**BRIEF:** Search the data for the string "radius" and gather each line it is in.

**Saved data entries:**
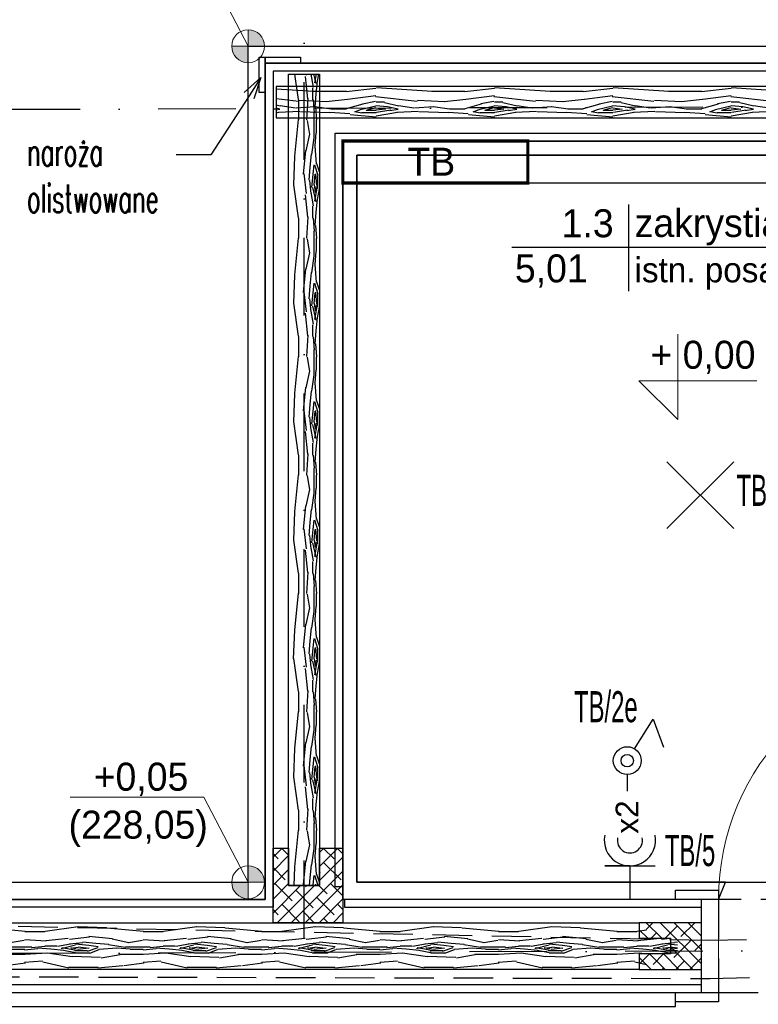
# Model space of a CAD drawing. Header units: centimetres. Extents: x 148004 to 151785, y -7215 to -1472.
# Tile 10 of 20: x 149443 to 149681, y -5746 to -5429. Entities that reach past the tile are written whole.
import ezdxf
from ezdxf import colors
from ezdxf.entities.mleader import LeaderData, LeaderLine
from ezdxf.enums import TextEntityAlignment as Align
from ezdxf.math import Vec2, Vec3

# ---------------------------------------------------------------- set-up
doc = ezdxf.new("R2010")
doc.units = ezdxf.units.CM
doc.header["$LTSCALE"] = 0.1
doc.linetypes.add('DASHDOT', pattern=[1, 0.5, -0.25, 0, -0.25])
doc.linetypes.add('DASHEDX2', pattern=[38.1, 25.4, -12.7])
doc.layers.get('0').update_dxf_attribs({"color": 45})
for name, color, linetype, lineweight in [('A_Drzwi', 2, 'Continuous', 18), ('A_Opisy', 7, 'Continuous', 18), ('HACZE', 52, 'Continuous', 9), ('rzędne proj_k', 190, 'Continuous', 18)]:
    doc.layers.add(name, color=color, linetype=linetype, lineweight=lineweight)
for name, color, linetype in [('A_opis_pom', 7, 'Continuous'), ('ELEK GNIAZDA', 234, 'Continuous'), ('ELEK OPIS', 140, 'Continuous'), ('ELEK OŚWIETLENIE', 154, 'Continuous'), ('ELEK_TABLICE', 214, 'Continuous'), ('ELEKTRYKA_OPIS GNIAZD', 230, 'Continuous'), ('hatch_R&F', 4, 'Continuous'), ('opisy_PROKON', 3, 'Continuous'), ('osie_R&F', 6, 'DASHDOT'), ('widoki_przerywana_R&F', 4, 'DASHEDX2'), ('widoki_R&F', 4, 'Continuous'), ('ściany_murowane_R&F', 13, 'Continuous')]:
    doc.layers.add(name, color=color, linetype=linetype)
doc.styles.add('1_100', font='romans.shx', dxfattribs={"width": 0.8})
doc.styles.add('arial', font='arial.ttf')
doc.styles.add('GENERATED_STYLE_1', font='arial.ttf')
doc.styles.add('Skala 50', font='simplex.shx', dxfattribs={"width": 0.9, "height": 10})
doc.styles.add('TECH', font='txt')
doc.dimstyles.new('1_100', dxfattribs={"dimscale": 1.5, "dimtxt": 10, "dimasz": 6, "dimexe": 0, "dimexo": 0, "dimgap": 1.5, "dimtad": 1, "dimdec": 1, "dimrnd": 1, "dimzin": 12, "dimdsep": 46, "dimtxsty": '1_100', "dimblk1": 'U1', "dimblk2": 'U1', "dimsah": 1, "dimcen": -6, "dimse1": 1, "dimse2": 1, "dimclrt": 2, "dimadec": 0, "dimazin": 0, "dimtfac": 0.072, "dimtdec": 1, "dimtix": 1, "dimtmove": 2, "dimatfit": 3, "dimldrblk": 'DOT', "dimfxl": 0, "dimtolj": 1, "dimtzin": 12, "dimarcsym": 0})

# ---------------------------------------------------------------- blocks, each defined once
blk = doc.blocks.new('*U33')
at = {"color": 4}
for p, q in [((-8.43, 8), (-8.43, 86)), ((-5, 8), (-5, 86))]:
    blk.add_line(p, q, dxfattribs=at)
at = {"color": 9}
blk.add_line((-44, 8), (-44, 47.17), dxfattribs=at)
at = {"color": 4}
for points in [[(-88.5, 8), (-88.5, -22), (-83, -22), (-83, 8), (-88.5, 8)], [(-5, 8), (-5, -22), (0.5, -22), (0.5, 8), (-5, 8)]]:
    blk.add_lwpolyline(points, dxfattribs=at)
at = {"color": 9}
blk.add_arc((-5, 8), 78, 90, 180, dxfattribs=at)
blk = doc.blocks.new('osie_przyziemie')
at = {"layer": 'osie_R&F', "ltscale": 500}
for points in [[(149785.03, -5724.37), (149785.03, -5332.1)], [(150364.22, -5455.35), (149011.58, -5460.19)], [(150364.22, -5726.87), (149011.58, -5731.7)]]:
    blk.add_lwpolyline(points, dxfattribs=at)
blk = doc.blocks.new('*U20')
for p, q in [((0, 22.22), (0, -24.36)), ((-62.5, -0.82), (157.74, -0.82))]:
    blk.add_line(p, q)
at = {"color": 6, "style": 'TECH'}
blk.add_attdef('NR_POM', text='', height=14.4, dxfattribs=at).set_placement((-7.95, 4.58), align=Align.RIGHT)
at = {"style": 'TECH'}
for tag, p, height in [('NAZWA_POM', (3.34, 4.73), 14.4), ('POSADZKA_POM', (3.28, -19.59), 12)]:
    blk.add_attdef(tag, p, '', height=height, dxfattribs=at)
at = {"color": 2, "style": 'TECH'}
blk.add_attdef('POW_POM', text='', height=16, dxfattribs=at).set_placement((-21.84, -19.61), align=Align.RIGHT)
at = {"color": 2, "style": 'arial', "flags": 2}
for tag, p, height in [('2', (-7.17, -12.72), 5.7), ('m', (-17.46, -19.56), 9.2)]:
    blk.add_attdef(tag, p, '', height=height, dxfattribs=at)
blk = doc.blocks.new('rzędna terenu_k')
h = blk.add_hatch(color=256)
h.dxf.hatch_style = 1
h.paths.add_polyline_path([(0, 10), (0, 0), (10, 0, 0.414214)])
h = blk.add_hatch(color=256)
h.dxf.hatch_style = 1
h.paths.add_polyline_path([(0, 0), (-10, 0, 0.414214), (0, -10)])
for points in [[(0, 0), (0, 10)], [(0, 10), (0, -10)], [(0, 0), (-10, 0)], [(-10, 0), (10, 0)]]:
    blk.add_lwpolyline(points)
blk.add_circle((0, 0), 10)
blk = doc.blocks.new('U1')
for p, q in [((0, -1), (0, 1)), ((1.5, 0), (-1.5, 0))]:
    blk.add_line(p, q)
at = {"color": 2, "const_width": 0.1}
blk.add_lwpolyline([(-0.5, -0.5), (0.5, 0.5)], dxfattribs=at)
blk = doc.blocks.new('_Open30')
at = {"color": 0, "linetype": 'ByBlock', "lineweight": -2, "transparency": 16777216}
for p, q in [((-1, 0.2679), (0, 0)), ((0, 0), (-1, -0.2679)), ((0, 0), (-1, 0))]:
    blk.add_line(p, q, dxfattribs=at)
blk = doc.blocks.new('Żyrandol')
at = {"layer": 'ELEK OŚWIETLENIE'}
for p, q in [((179.3, 179.3), (-179.3, -179.3)), ((-179.3, 179.3), (179.3, -179.3))]:
    blk.add_line(p, q, dxfattribs=at)
blk = doc.blocks.new('gniazdo podwójne p.t. hermetyczne')
at = {"layer": 'ELEK GNIAZDA'}
for q in [(98226.42, -23430.34, 50.7), (98244.38, -23443.82, 50.7)]:
    blk.add_line((98244.38, -23430.34, 50.7), q, dxfattribs=at)
at = {"layer": 'ELEK GNIAZDA', "elevation": 50.7}
blk.add_lwpolyline([(98244.38, -23416.87), (98244.38, -23430.34), (98244.38, -23430.34), (98244.38, -23416.87)], close=True, dxfattribs=at)
at = {"layer": 'ELEK GNIAZDA'}
for radius in [13.74, 6.74]:
    blk.add_arc((98258.12, -23430.34, 50.7), radius, 78.7219, 281.2781, dxfattribs=at)
at = {"layer": 'ELEK OPIS', "style": 'GENERATED_STYLE_1'}
blk.add_text('x2', height=12.165, dxfattribs=at).set_placement((98261.61, -23434.86))
blk = doc.blocks.new('1-BIEGUNOWY IP44')
at = {"layer": 'ELEK OŚWIETLENIE'}
for p, q in [((8422.18, -43175.05, 50.7), (8432.16, -43159.2, 50.7)), ((8432.16, -43159.2, 50.7), (8437.62, -43174.21, 50.7)), ((8418.21, -43188.83, 50.7), (8418.21, -43197.68, 50.7))]:
    blk.add_line(p, q, dxfattribs=at)
for radius in [7.46, 3.33]:
    blk.add_circle((8418.21, -43181.37, 50.7), radius, dxfattribs=at)

msp = doc.modelspace()

# ---------------------------------------------------------------- hatches: boundary and pattern name
at = {"layer": 'hatch_R&F'}
h = msp.add_hatch(dxfattribs=at)
h.set_pattern_fill('WOOD8', color=256, scale=1.5, angle=90)
h.set_pattern_definition([(79.6952, (143785.301, -154877.6814), (38.09980505, 228.600036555), [4.259694, -421.711222]), (90, (143786.063, -154873.49), (-38.1, 38.1), [4.191, -33.909]), (108.4349, (143786.063, -154869.3), (-38.0999391, 76.2000172), [3.6144705, -116.868283]), (262.875, (143784.92, -154865.8704), (38.09993454, 266.70001447), [3.071736, -304.1002935]), (264.8056, (143784.539, -154868.9184), (38.09981744, 381.000025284), [4.208298, -416.619957]), (284.0362, (143784.158, -154873.109), (38.09992533, -114.30002066), [4.712703, -152.377597]), (99.4623, (143785.301, -154874.6334), (-38.0999298, 190.50002997), [2.3175465, -229.4357235]), (83.6598, (143784.92, -154872.3474), (-38.10006039, -304.79997661), [3.450108, -341.560061]), (275.7106, (143785.301, -154868.9184), (38.10005066, -342.89997768), [3.8290125, -379.071264]), (258.6901, (143785.682, -154872.7284), (38.0999093, 152.40002937), [1.942719, -192.329905]), (84.8056, (143785.682, -154881.1104), (-38.09981744, -381.000025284), [4.208298, -416.619957]), (78.6901, (143786.063, -154876.9194), (-38.0999093, -152.40002937), [3.885438, -190.387186]), (90, (143786.825, -154873.11), (-38.1, 38.1), [4.572, -33.528]), (110.556, (143786.825, -154868.5374), (-76.1998468, 190.50007021), [3.255264, -322.271288]), (93.8141, (143785.682, -154865.4894), (-38.100233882, 533.39997427), [5.727687, -567.04089]), (84.8056, (143785.301, -154859.7744), (-38.09981744, -381.000025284), [4.208298, -416.619957]), (90, (143785.682, -154855.583), (-38.1, 38.1), [4.191, -33.909]), (95.1944, (143785.682, -154889.4924), (-38.09981744, 381.000025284), [4.208298, -416.619957]), (84.8056, (143785.301, -154885.3014), (-38.09981744, -381.000025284), [4.208298, -416.619957]), (90, (143784.92, -154889.492), (-38.1, 38.1), [2.286, -35.814]), (95.1944, (143784.92, -154887.2064), (-38.09981744, 381.000025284), [4.208298, -416.619957]), (90, (143784.54, -154883.015), (-38.1, 38.1), [3.81, -34.29]), (100.3048, (143784.539, -154879.2054), (38.09980505, -228.600036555), [4.259694, -421.711222]), (95.1944, (143783.777, -154875.0144), (-38.09981744, 381.000025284), [4.208298, -416.619957]), (84.8056, (143783.396, -154870.8234), (-38.09981744, -381.000025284), [4.208298, -416.619957]), (84.8056, (143783.777, -154866.6324), (-38.09981744, -381.000025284), [4.208298, -416.619957]), (81.8699, (143784.158, -154862.4414), (-38.09997482, -228.59999127), [5.3881395, -264.019513]), (90, (143784.92, -154857.107), (-38.1, 38.1), [5.715, -32.385]), (77.4712, (143807.78, -154858.6314), (38.09998475, 190.50001162), [3.5126295, -347.751997]), (84.2894, (143808.542, -154855.2024), (-38.10005066, -342.89997768), [3.8290125, -379.071264]), (98.1301, (143807.78, -154858.6314), (-38.09997482, 228.59999127), [2.6940885, -266.713602]), (99.4623, (143807.399, -154855.9644), (-38.0999298, 190.50002997), [4.6350555, -227.118177]), (90, (143806.637, -154889.492), (-38.1, 38.1), [4.572, -33.528]), (80.5377, (143806.637, -154884.9204), (-38.0999298, -190.50002997), [2.3175465, -229.4357235]), (291.8014, (143807.018, -154882.6344), (-38.09999637, 114.30000984), [2.0517615, -203.123025]), (282.9946, (143807.78, -154884.5394), (-76.199908, 342.900029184), [5.083188, -503.234211]), (82.875, (143807.78, -154854.4404), (-38.09993454, -266.70001447), [3.071736, -304.1002935]), (97.125, (143807.78, -154854.4404), (-38.09993454, 266.70001447), [3.071736, -304.1002935]), (90, (143807.4, -154889.492), (-38.1, 38.1), [3.048, -35.052]), (284.0362, (143807.399, -154886.444), (38.09992533, -114.30002066), [3.1418025, -153.948536]), (86.6335, (143806.256, -154881.1104), (-38.10041802, -609.59997445), [6.488202, -642.331443]), (87.7094, (143806.637, -154874.6334), (-38.09983787, -914.400004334), [9.53262, -943.729075]), (93.1798, (143807.018, -154865.1084), (-38.09965868, 647.700018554), [6.8685915, -679.98895]), (99.4623, (143806.637, -154858.2504), (-38.0999298, 190.50002997), [6.952602, -224.800668]), (100.3048, (143810.066, -154889.4924), (38.09980505, -228.600036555), [4.259694, -421.711222]), (105.9454, (143809.304, -154885.3014), (38.09999644, -152.40000495), [5.5474365, -271.824755]), (90, (143807.78, -154879.967), (-38.1, 38.1), [4.953, -33.147]), (81.8699, (143807.78, -154875.0144), (-38.09997482, -228.59999127), [5.3881395, -264.019513]), (93.5763, (143808.542, -154869.6804), (-38.09964605, 571.50002525), [6.1078875, -604.681557]), (81.2538, (143808.161, -154863.5844), (38.100159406, 266.6999754), [5.0112555, -496.115988]), (75.9638, (143808.923, -154858.631), (-38.09992533, -114.30002066), [4.712703, -152.377597]), (90, (143810.066, -154854.06), (-38.1, 38.1), [2.667, -35.433]), (264.8056, (143806.256, -154881.1104), (38.09981744, 381.000025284), [8.416557, -412.411697]), (85.2364, (143803.97, -154889.4924), (-38.099677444, -419.10003665), [9.1756995, -449.60907]), (90, (143804.732, -154880.35), (-38.1, 38.1), [8.763, -29.337]), (94.0856, (143804.732, -154871.5854), (-38.09985294, 495.300005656), [10.695165, -524.0637855]), (90, (143803.97, -154860.917), (-38.1, 38.1), [9.525, -28.575]), (97.125, (143811.971, -154889.4924), (-38.09993454, 266.70001447), [9.2151705, -297.956859]), (96.3402, (143810.828, -154880.3484), (-38.10006039, 304.79997661), [6.9002145, -338.109954]), (87.5104, (143810.066, -154873.4904), (-38.100680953, -838.199979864), [8.771268, -868.356607]), (83.4802, (143810.447, -154864.7274), (-114.299982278, -990.599992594), [13.4217915, -1328.758531]), (93.0128, (143787.206, -154889.4924), (-38.100156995, 685.800000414), [7.24902, -717.6529335]), (81.8699, (143786.825, -154882.2534), (-38.09997482, -228.59999127), [8.0822295, -261.325462]), (87.6141, (143787.968, -154874.2524), (-38.099342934, -876.300019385), [9.1519245, -906.04147]), (100.6197, (143788.349, -154865.1084), (76.200307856, -419.099938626), [6.2022225, -614.020819]), (90, (143787.206, -154859.012), (-38.1, 38.1), [7.62, -30.48]), (86.8202, (143782.634, -154889.4924), (-38.09965868, -647.700018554), [6.8685915, -679.98895]), (96.009, (143783.015, -154882.6344), (38.09997376, -380.999991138), [7.279005, -720.620466]), (96.7098, (143782.253, -154875.3954), (38.099767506, -342.900038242), [6.5216535, -645.645267]), (84.2894, (143781.491, -154868.9184), (-38.10005066, -342.89997768), [7.6580235, -375.242252]), (77.9052, (143782.253, -154861.2984), (-76.200256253, -342.899946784), [5.4550815, -540.053898]), (99.4623, (143783.396, -154855.9644), (-38.0999298, 190.50002997), [4.6350555, -227.118177]), (93.8141, (143789.873, -154889.4924), (-38.100233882, 533.39997427), [5.727687, -567.04089]), (77.1957, (143789.492, -154883.7774), (-114.300282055, -495.299917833), [8.595741, -850.979426]), (90, (143791.397, -154875.395), (-38.1, 38.1), [9.525, -28.575]), (95.4403, (143791.397, -154865.8704), (38.099747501, -419.100012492), [8.037195, -795.683181]), (96.7098, (143790.635, -154857.8694), (38.099767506, -342.900038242), [6.5216535, -645.645267]), (90, (143779.967, -154889.492), (-38.1, 38.1), [6.477, -31.623]), (98.1301, (143779.967, -154883.0154), (-38.09997482, 228.59999127), [10.776318, -258.6313725]), (87.6141, (143778.443, -154872.3474), (-38.099342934, -876.300019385), [9.1519245, -906.04147]), (84.4725, (143778.824, -154863.2034), (76.199443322, 800.100066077), [11.8661685, -1174.7515875]), (96.8428, (143814.638, -154889.4924), (76.200304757, -647.699976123), [9.593352, -949.74015]), (90, (143813.495, -154879.967), (-38.1, 38.1), [10.668, -27.432]), (86.3478, (143813.495, -154869.2994), (-76.1995157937, -1181.100036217), [17.943423, -1776.400727]), (90, (143801.303, -154889.492), (-38.1, 38.1), [9.144, -28.956]), (94.7636, (143801.303, -154880.3484), (-38.099677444, 419.10003665), [9.1756995, -449.60907]), (88.1524, (143800.541, -154871.2044), (-38.099783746, -1143.00001771), [11.8171335, -1169.897228]), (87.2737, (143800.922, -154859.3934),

**SOLUTION BELOW:**
for radius in [13.74, 6.74]:
    blk.add_arc((98258.12, -23430.34, 50.7), radius, 78.7219, 281.2781, dxfattribs=at)
for radius in [7.46, 3.33]:
    blk.add_circle((8418.21, -43181.37, 50.7), radius, dxfattribs=at)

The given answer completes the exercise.